**Problem to solve:** The listing below must be repeated word for word, with its images excluded.

**Task inputs:**
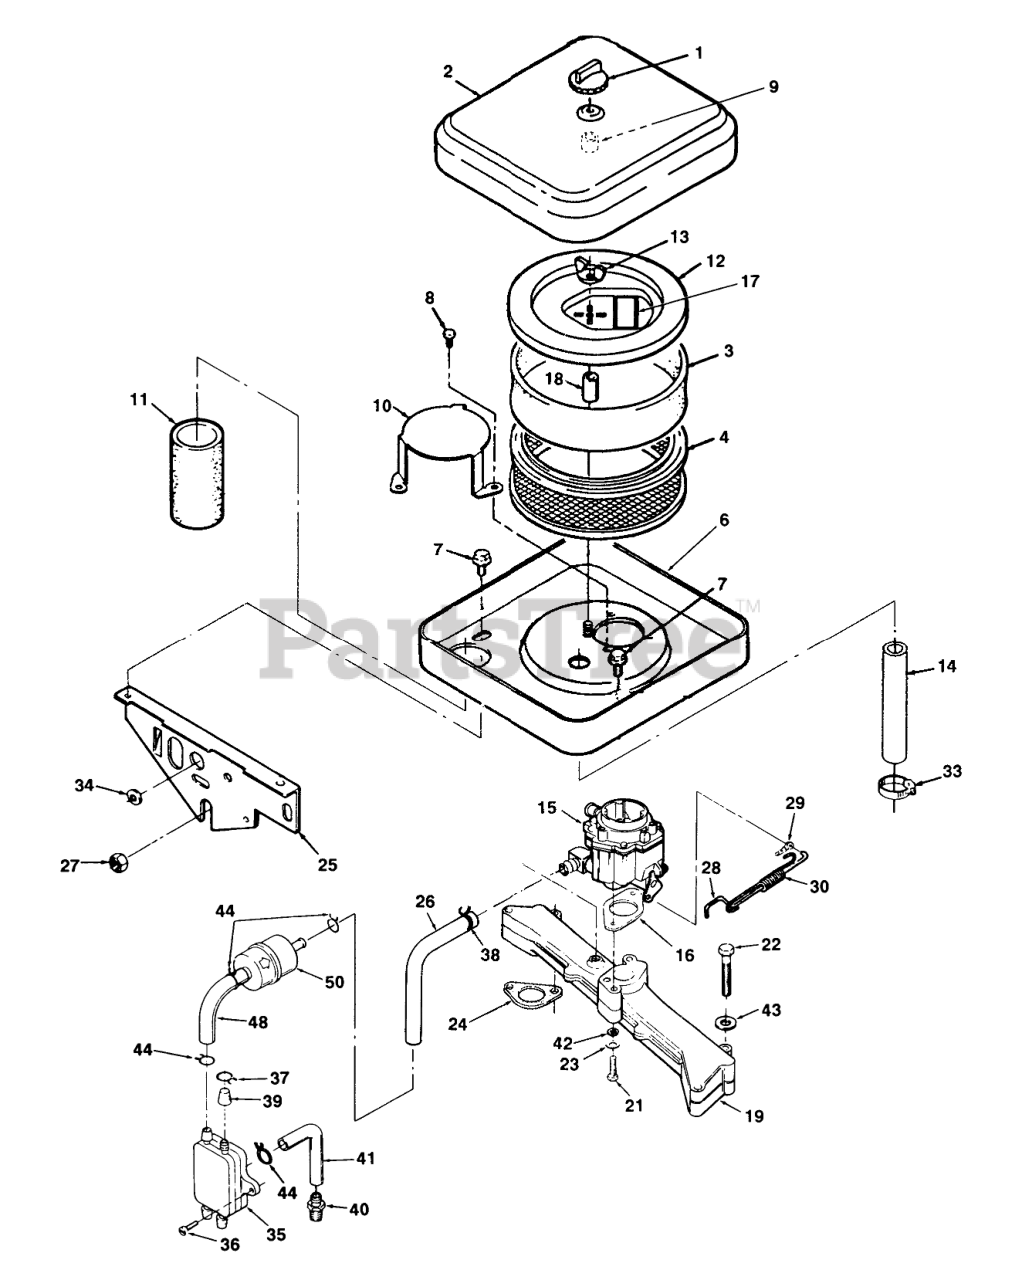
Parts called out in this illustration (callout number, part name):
1	Knob
2	COVER-AIR CLEANER
3	WRAPPER-AIR CLEANER ELEMENT
4	ELEMENT-AIR CLEANER
6	HOUSING-AIR CLEANER
7	Screw-Hex Washer Hd
8	Screw-HWH
9	SPACER-RUBBER
10	Air Deflector Plate
11	TUBE-AIR INTAKE
12	Cover-Element
13	1/4-20 WING NUT
14	HOSE-RUBBER, BREATHER
15	Carburetor
16	GASKET-CARBURETOR
17	DECAL-PERIODIC MAINTENANCE
18	SPACER-AIR CLEANER STUD
19	MANIFOLD - INTAKE
21	HEX HD CAP SCR
22	Screw-Hex Hd Cap
23	WASHER-FLAT
24	GASKET-MANIFOLD TO BLOCK
25	SUPPORT-AIR CLEANER
26	HOSE - FUEL
28	ROD-GOV CONTROL
30	Spring-Governor Rod
33	CLAMP-HOSE, BREATHER
34	GROMMET
35	Pump-Fuel (Incl. Hose Clamp & Fuel Cap)
37	CLAMP
39	CAP-FUEL OUTLET
40	CNCTR. - HOSE
41	HOSE-VACUUM
42	WASHER-FLAT
43	WASHER-FLAT
44	CLAMP-HOSE
50	FILTER-FUEL

**Exercise output:**
Parts called out in this illustration (callout number, part name):
1	Knob
2	COVER-AIR CLEANER
3	WRAPPER-AIR CLEANER ELEMENT
4	ELEMENT-AIR CLEANER
6	HOUSING-AIR CLEANER
7	Screw-Hex Washer Hd
8	Screw-HWH
9	SPACER-RUBBER
10	Air Deflector Plate
11	TUBE-AIR INTAKE
12	Cover-Element
13	1/4-20 WING NUT
14	HOSE-RUBBER, BREATHER
15	Carburetor
16	GASKET-CARBURETOR
17	DECAL-PERIODIC MAINTENANCE
18	SPACER-AIR CLEANER STUD
19	MANIFOLD - INTAKE
21	HEX HD CAP SCR
22	Screw-Hex Hd Cap
23	WASHER-FLAT
24	GASKET-MANIFOLD TO BLOCK
25	SUPPORT-AIR CLEANER
26	HOSE - FUEL
28	ROD-GOV CONTROL
30	Spring-Governor Rod
33	CLAMP-HOSE, BREATHER
34	GROMMET
35	Pump-Fuel (Incl. Hose Clamp & Fuel Cap)
37	CLAMP
39	CAP-FUEL OUTLET
40	CNCTR. - HOSE
41	HOSE-VACUUM
42	WASHER-FLAT
43	WASHER-FLAT
44	CLAMP-HOSE
50	FILTER-FUEL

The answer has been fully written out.